Gabrielle goes on to describe how an approaching-its-shelf-life red bell pepper and several cooked corn-on-the-cobs led to her Maque Choux. Upon consulting other Internet variations, my Maque Choux tones down on hot peppers, cheats with frozen corn, and is topped with shrimp.
The trick in Gabrielle’s and other Maque Choux recipes depends on having, she says, “sweated each ingredient in stages, along the way, with a final brief simmering together that resulted in a colorful, sweet, hot, juicy, milky, buttery perfection.”
A Little Bacon Never Hurts. Heat some bacon in a large skillet. (I partially freeze a pound of bacon, divide it into 1-in. chunks, and freeze the chunks in baggies for this purpose.)
Save the crispy bacon bits for mixing in at the end. Pour off all but some of the fat, and add 2 Tablespoons of butter.
Onion, Celery, and Garlic. Cut the onion and celery into small dice (about the size of a corn kernel).
Heat the butter and fat until just foaming, and sauté the onion and celery.
After a few minutes, add 1 teaspoon of minced garlic and a couple pinches of salt. Continue stirring until the mixture is softened and translucent, maybe six minutes total.
Peppers, Bell and Other. Core and seed a red bell pepper and cut it into small dice. Actually, I buy a bag of small bell peppers of various hue. Maybe four or five of them equals one large bell pepper. To this, I add a small can of Ortega mild diced green chiles, drained.
Combine peppers, together with 1 more Tablespoon of butter, into the pan. Continue stirring, with a couple more pinches of salt. In four, five minutes, the pepper pieces will become translucent.
Adding the Corn. This is where Maque Choux purists shuck perhaps three ears of corn and shave the kernels (and their milk) with a sharp knife. Me? I pour maybe 10 oz. of frozen corn from a bag in the freezer.
Add the corn and a Tablespoon slice of butter to the mixture. Stir to combine everything.
The Final Steaming/Shallow Braising. After a few tosses, this mixture starts to hiss. At this point, add 1/4 cup of water and some black pepper, and put a lid on the pan for a few minutes. This encourages the corn kernels to give off their liquid and the rest of the flavors to merge.
Gabrielle says it’s okay to peek: “You will notice a general softening and melding together. Return the lid, and let cook a few more minutes, noticing the water evaporating and the remaining liquid reducing and gaining some ‘body’ and gloss.”

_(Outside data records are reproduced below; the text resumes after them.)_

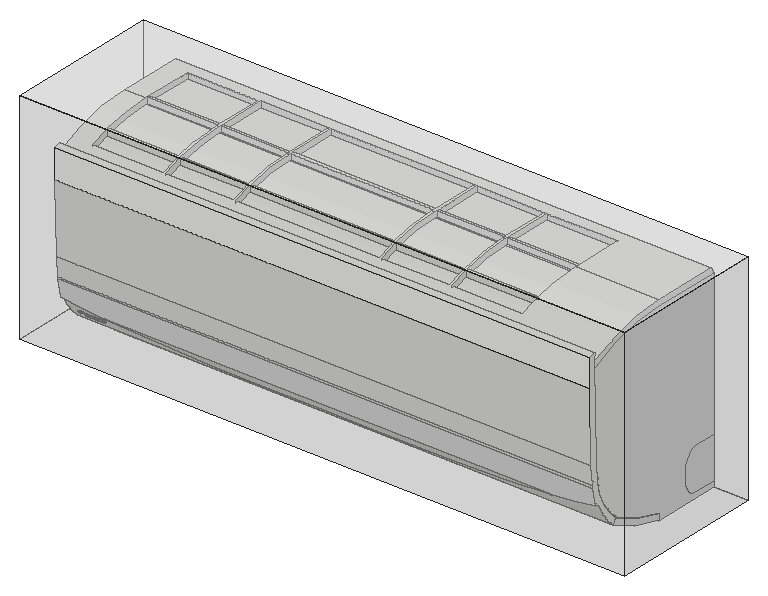
Revit family "outputfile", category 機械設備, Revit 2024
Family settings
  丸型コネクタ寸法 = 半径を使用
  パーツ タイプ = 標準
  OmniClass 番号 = 23.75.10.24.21.27.27
  OmniClass タイトル = Split System Air Conditioning Units
  作業面ベース = いいえ
  常に垂直 = はい
  ロード時にボイドで切り取り = いいえ
  注釈の向きを維持 = いいえ
  共有 = いいえ
  部屋計算ポイント = いいえ
Parameters (values of type "CTKC35WVMG")
  Description = ""
  書き出し IFC クラス(タイプ) = "IfcUnitaryEquipmentType"
  定義済み IFC タイプ(タイプ) = "AIRCONDITIONINGUNIT"
  Cost = 0
  Type Comments = ""
  Keynote = ""
  Type Image = (empty or 0)
  Assembly Code = ""
  w_wall hole = if(Width = 770.0 mm, 48.0 mm, 60.0 mm)  # 48.0 mm
  switch_frequency = yes
  h_liquidpipe_length = if(Width = 770.0 mm, 50.0 mm, 40.0 mm)  # 50.0 mm
  h_gaspipe_length = if(Width = 770.0 mm, 40.0 mm, 50.0 mm)  # 40.0 mm
  製造元 = "Daikin"
  モデル = "CTKC35WVMG"
  r_Liquid Pipe Size = Liquid Pipe Size / 2  # 3.2 mm
  r_Gas Pipe Size = Gas Pipe Size / 2  # 4.75 mm
  r_Drain Pipe Size = Drain Pipe Size / 2  # 8.0 mm
  lw_powersupply [instance] = if(Width = 770.0 mm, if(or(Rear Right Connection_refrigerant, Bottom Right Connection_refrigerant), 25.0 mm, if(or(Rear Left Connection_refrigerant, Bottom Left Connection_refrigerant), 745.0 mm, 400.0 mm)), if(Width = 990.0 mm, if(or(Rear Right Connection_refrigerant, Bottom Right Connection_refrigerant), 40.0 mm, if(or(Rear Left Connection_refrigerant, Bottom Left Connection_refrigerant), 920.0 mm, 400.0 mm)), if(or(Rear Right Connection_refrigerant, Bottom Right Connection_refrigerant), 40.0 mm, if(or(Rear Left Connection_refrigerant, Bottom Left Connection_refrigerant), 920.0 mm, 400.0 mm))))  # 400.0 mm
  lw_liquidpipe [instance] = if(Width = 770.0 mm, if(or(Rear Right Connection_refrigerant, Bottom Right Connection_refrigerant), 0.0 mm, if(or(Rear Left Connection_refrigerant, Bottom Left Connection_refrigerant), 664.0 mm, 385.0 mm)), if(Width = 990.0 mm, if(or(Rear Right Connection_refrigerant, Bottom Right Connection_refrigerant), 0.0 mm, if(or(Rear Left Connection_refrigerant, Bottom Left Connection_refrigerant), 664.0 mm + (990.0 mm - 770.0 mm), 475.0 mm)), if(or(Rear Right Connection_refrigerant, Bottom Right Connection_refrigerant), 0.0 mm, if(or(Rear Left Connection_refrigerant, Bottom Left Connection_refrigerant), 664.0 mm + (990.0 mm - 770.0 mm), 475.0 mm))))  # 385.0 mm
  lw_gaspipe [instance] = if(Width = 770.0 mm, if(or(Rear Right Connection_refrigerant, Bottom Right Connection_refrigerant), 0.0 mm, if(or(Rear Left Connection_refrigerant, Bottom Left Connection_refrigerant), 675.0 mm, if(Gas Pipe Size = 12.7 mm, 345.0 mm, 335.0 mm))), if(Width = 990.0 mm, if(or(Rear Right Connection_refrigerant, Bottom Right Connection_refrigerant), 10.0 mm, if(or(Rear Left Connection_refrigerant, Bottom Left Connection_refrigerant), 890.0 mm, if(Gas Pipe Size = 15.9 mm, 410.0 mm, 400.0 mm))), if(or(Rear Right Connection_refrigerant, Bottom Right Connection_refrigerant), 10.0 mm, if(or(Rear Left Connection_refrigerant, Bottom Left Connection_refrigerant), 890.0 mm, if(Gas Pipe Size = 15.9 mm, 410.0 mm, 400.0 mm)))))  # 335.0 mm
  lw_drainpipe [instance] = if(Width = 770.0 mm, if(or(Rear Right Connection_refrigerant, Bottom Right Connection_refrigerant), 0.0 mm, if(or(Rear Left Connection_refrigerant, Bottom Left Connection_refrigerant), 770.0 mm - 48.0 mm - 48.0 mm, 440.0 mm)), if(Width = 990.0 mm, if(or(Rear Right Connection_refrigerant, Bottom Right Connection_refrigerant), 0.0 mm, if(or(Rear Left Connection_refrigerant, Bottom Left Connection_refrigerant), 675.0 mm + (990.0 mm - 770.0 mm), 435.0 mm)), if(or(Rear Right Connection_refrigerant, Bottom Right Connection_refrigerant), 0.0 mm, if(or(Rear Left Connection_refrigerant, Bottom Left Connection_refrigerant), 675.0 mm + (990.0 mm - 770.0 mm), 435.0 mm))))  # 440.0 mm
  l_powersupply_length [instance] = if(Width = 770.0 mm, if(Right Connection_refrigerant, 400.0 mm, if(Left Connection_refrigerant, 770.0 mm - 400.0 mm, if(or(Rear Left Connection_refrigerant, Rear Right Connection_refrigerant), 15.0 mm, 50.0 mm))), if(Width = 990.0 mm, if(Right Connection_refrigerant, 400.0 mm, if(Left Connection_refrigerant, 990.0 mm - 400.0 mm, if(or(Rear Left Connection_refrigerant, Rear Right Connection_refrigerant), 15.0 mm, 50.0 mm))), if(Right Connection_refrigerant, 400.0 mm, if(Left Connection_refrigerant, 990.0 mm - 400.0 mm, if(or(Rear Left Connection_refrigerant, Rear Right Connection_refrigerant), 15.0 mm, 50.0 mm)))))  # 400.0 mm
  l_liquidpipe_length [instance] = if(Width = 770.0 mm, if(Right Connection_refrigerant, 433.0 mm, if(Left Connection_refrigerant, 337.0 mm, if(or(Rear Left Connection_refrigerant, Rear Right Connection_refrigerant), 30.0 mm, 50.0 mm))), if(Width = 990.0 mm, if(Right Connection_refrigerant, 535.0 mm, if(Left Connection_refrigerant, 455.0 mm, if(or(Rear Left Connection_refrigerant, Rear Right Connection_refrigerant), 30.0 mm, 40.0 mm))), if(Right Connection_refrigerant, 535.0 mm, if(Left Connection_refrigerant, 455.0 mm, if(or(Rear Left Connection_refrigerant, Rear Right Connection_refrigerant), 30.0 mm, 40.0 mm)))))  # 433.0 mm
  l_gaspipe_length [instance] = if(Width = 770.0 mm, if(Right Connection_refrigerant, if(Gas Pipe Size = 12.7 mm, 393.0 mm, 383.0 mm), if(Left Connection_refrigerant, if(Gas Pipe Size = 12.7 mm, 770.0 mm - 393.0 mm, 770.0 mm - 383.0 mm), if(or(Rear Left Connection_refrigerant, Rear Right Connection_refrigerant), 40.0 mm, 40.0 mm))), if(Width = 990.0 mm, if(Right Connection_refrigerant, if(Gas Pipe Size = 15.9 mm, 470.0 mm, 460.0 mm), if(Left Connection_refrigerant, if(Gas Pipe Size = 15.9 mm, 990.0 mm - 470.0 mm, 990.0 mm - 460.0 mm), if(or(Rear Left Connection_refrigerant, Rear Right Connection_refrigerant), 40.0 mm, 50.0 mm))), if(Right Connection_refrigerant, if(Gas Pipe Size = 15.9 mm, 470.0 mm, 460.0 mm), if(Left Connection_refrigerant, if(Gas Pipe Size = 15.9 mm, 990.0 mm - 470.0 mm, 990.0 mm - 460.0 mm), if(or(Rear Left Connection_refrigerant, Rear Right Connection_refrigerant), 40.0 mm, 50.0 mm)))))  # 383.0 mm
  l_drainpipe_length [instance] = if(Width = 770.0 mm, if(Right Connection_refrigerant, 488.0 mm, if(Left Connection_refrigerant, 282.0 mm, if(or(Rear Left Connection_refrigerant, Rear Right Connection_refrigerant), 15.0 mm, 20.0 mm))), if(Width = 990.0 mm, if(Right Connection_refrigerant, 495.0 mm, if(Left Connection_refrigerant, 495.0 mm, if(or(Rear Left Connection_refrigerant, Rear Right Connection_refrigerant), 15.0 mm, 20.0 mm))), if(Right Connection_refrigerant, 495.0 mm, if(Left Connection_refrigerant, 495.0 mm, if(or(Rear Left Connection_refrigerant, Rear Right Connection_refrigerant), 15.0 mm, 20.0 mm)))))  # 488.0 mm
  h*** = 0.0 mm  # constant formula
  connector_voltage = Voltage_50Hz  # 230 V
  connector_powerinput = [Power Input (Cooling)]  # 22.600 kW
  connector_phase = Phase_50Hz  # 1
  angle_vertical [instance] = if(or(Bottom Left Connection_refrigerant, Bottom Right Connection_refrigerant), 0.00°, 90.00°)  # 90.00°
  angle_horizontal [instance] = if(Right Connection_refrigerant, 90.00°, if(Left Connection_refrigerant, -90.00°, if(or(Rear Left Connection_refrigerant, Rear Right Connection_refrigerant), 180.00°, 0.00°)))  # 90.00°
  Width = 770.0 mm
  Voltage_comment_50Hz = "220 - 240"
  Voltage_50Hz = 230 V
  Version = "ver.1.0"
  Unit Type = "Wall Mounted"
  Unit Mass Weight = 9.00 kg
  Unit Designation [instance] = ""
  Uniclass2015Version = "Products v1.30"
  Uniclass2015Title = "Split coil room air conditioning units"
  Uniclass2015Code = "Pr_70_65_03_86"
  URL = ""
  Total Cooling Capacity [instance] = 0.000 kW
  Sound Pressure Level_M speed (dBA) = 34
  Sound Pressure Level_L speed (dBA) = 26
  Sound Pressure Level_H speed (dBA) = 39
  Sound Power Level_H speed (dB) = 0
  Series = "Multi Split_Fan Coil Unit"
  Sensible Cooling Capacity [instance] = 0.000 kW
  Refrigerant Type = "R32"
  Power Input (Cooling) = 22.600 kW
  Phase_50Hz = 1
  Option Accessory 3 [instance] = ""
  Option Accessory 2 [instance] = ""
  Option Accessory 1 [instance] = ""
  Nominal Cooling Capacity = 3.500 kW
  Minimum Circuit Amps_50Hz = 0.0 A
  Minimum Airflow = 402.00 m³/h
  Median Airflow = 558.00 m³/h
  Maximum Fuse Amps_50Hz = 0.0 A
  Maximum Airflow = 690.00 m³/h
  Material_Casing = DAIKIN_White_Casing_indoorunit
  Load Classification = HVAC
  Liquid Pipe Size = 6.4 mm
  Link_Nested Family [instance] = ""
  IfcVersion = ""
  IfcExportType = "AIRCONDITIONINGUNIT"
  IfcExportAs = "IfcUnitaryEquipmentType"
  Height = 285.0 mm
  Heat Exchanger Type = "Cross Fin Coil"
  Gas Pipe Size = 9.5 mm
  Frequency_50Hz = 50 Hz
  Fan Type = "Cross Flow Fan"
  Fan Drive = "Direct Drive"
  FCU Tag No. [instance] = ""
  Drain Pipe Size = 16.0 mm
  Design Supply Airflow [instance] = 0.00 m³/h
  Depth = 223.0 mm
  既定の高さ = 0.0 mm
  Cooling Entering Wet Bulb Temperature [instance] = 0.00 °C
  Cooling Entering Dry Bulb Temperature [instance] = 0.00 °C
  Cooling Ambient Wet Bulb Temperature [instance] = 0.00 °C
  Cooling Ambient Dry Bulb Temperature [instance] = 0.00 °C
  Clearance visibility [instance] = yes
  Clearance Top = 30.0 mm
  Clearance Right = 50.0 mm
  Clearance Rear = 0.0 mm
  Clearance Left = 50.0 mm
  Clearance Front = 0.0 mm
  Clearance Bottom = 0.0 mm
  Bottom Right Connection_refrigerant [instance] = no
  Bottom Left Connection_refrigerant [instance] = no
  Rear Right Connection_refrigerant [instance] = no
  Rear Left Connection_refrigerant [instance] = no
  Right Connection_refrigerant [instance] = yes
  Left Connection_refrigerant [instance] = no
Reference planes
  plane 1 "Back": y = 0
  plane 2: z = 0
  plane 3 "Center (Left/Right)": x = 0
  plane 4 "Center (Front/Back)": y = -111.5
  plane 5 "Front": y = -223
  plane 6 "Left": x = -385
  plane 7 "Right": x = 385
  plane 8 "Top": z = 0
  plane 9 "Bottom": z = -285
  plane 10: x = -435
  plane 11: x = 435
  plane 12: y = 0
  plane 13: y = -223
  plane 14: z = 30
  plane 15: z = -285
  plane 16 "lw_Piping and Wiring intake": x = 337
  plane 17 "lw_gaspipe": x = 2
  plane 18 "lw_liquidpipe": x = -48
  plane 19 "lw_drainpipe": x = -103
  plane 20 "lh_drainpipe": z = -265
  plane 21 "lh_liquidpipe": z = -235
  plane 22 "lh_gaspipe": z = -245
  plane 23 "ld_drainpipe": y = -15
  plane 24 "ld_liquidpipe": y = -30
  plane 25 "ld_gaspipe": y = -40
  plane 26 "lw_powersupply": x = -15
  plane 27 "lh_powersupply": z = -235
Dimensions and locks
  equal spacing: plane 6 "Left", plane 3 "Center (Left/Right)", plane 7 "Right"
  "Width": plane 6 "Left" to plane 7 "Right"
  equal spacing: plane 5 "Front", plane 4 "Center (Front/Back)", plane 1 "Back"
  "Depth": plane 5 "Front" to plane 1 "Back"
  "Height": plane 8 "Top" to plane 9 "Bottom"
  "Clearance Rear": plane 12 to plane 1 "Back"
  "Clearance Front": plane 13 to plane 5 "Front"
  "Clearance Top": plane 14 to plane 8 "Top"
  "Clearance Bottom": plane 9 "Bottom" to plane 15
  "w_wall hole": plane 16 "lw_Piping and Wiring intake" to plane 7 "Right"
  "lw_gaspipe": plane 17 "lw_gaspipe" to plane 16 "lw_Piping and Wiring intake"
  "lw_liquidpipe": plane 18 "lw_liquidpipe" to plane 16 "lw_Piping and Wiring intake"
  "lw_drainpipe": plane 19 "lw_drainpipe" to plane 16 "lw_Piping and Wiring intake"
  locked: plane 20 "lh_drainpipe" to plane 9 "Bottom" at 20
  "h_liquidpipe_length": plane 21 "lh_liquidpipe" to plane 9 "Bottom"
  "h_gaspipe_length": plane 22 "lh_gaspipe" to plane 9 "Bottom"
  locked: plane 23 "ld_drainpipe" to plane 1 "Back" at 15
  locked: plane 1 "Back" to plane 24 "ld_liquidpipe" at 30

I Nearly Forget My Shrimp. I like to jazz up my Maque Choux with shrimp sautéed in garlic butter. This takes only a few minutes while the Maque Choux is completing its magic melding.
Gabrielle writes, “It should be sweet, spicy, a bit wet, and surprisingly complex given the few ingredients and their household ordinariness.”
Yep, her spouse is the professional chef, but Gabrielle has a fine sense of cuisine as well. ds
© Dennis Simanaitis, SimanaitisSays.com, 2020
Corn kernels, especially fresh, will exude some liquid, but also corn starch (shocking!) which nicely tightens the liquid up and thickens it. For a little more zing look for Hatch brand canned green chilis from the Hatch Valley in New Mexico. They tend to perk things up a little more than the Ortega, in our experience.
Agreed, Michael, on both counts. I suspect fresh kernels would yield a sweeter Maque Choux, albeit with complexity compared with my frozen corn. By the way, I adjust the water down (Gabrielle uses 1/2 cup) because my corn has its surface freeze.
Agree too about Hatch Chiles. I have them in the pantry for my stuff. As noted, Wife Dottie’s subtle taste buds prefer the milder Ortega.
By the way, Gabrielle uses a whole stick of butter (8 Tablespoons; 3, 2, and 3). I might try upping my 4 (2, 1, and 1) as an experiment. (The added Tablespoon in my recipe is for the garlic shrimp).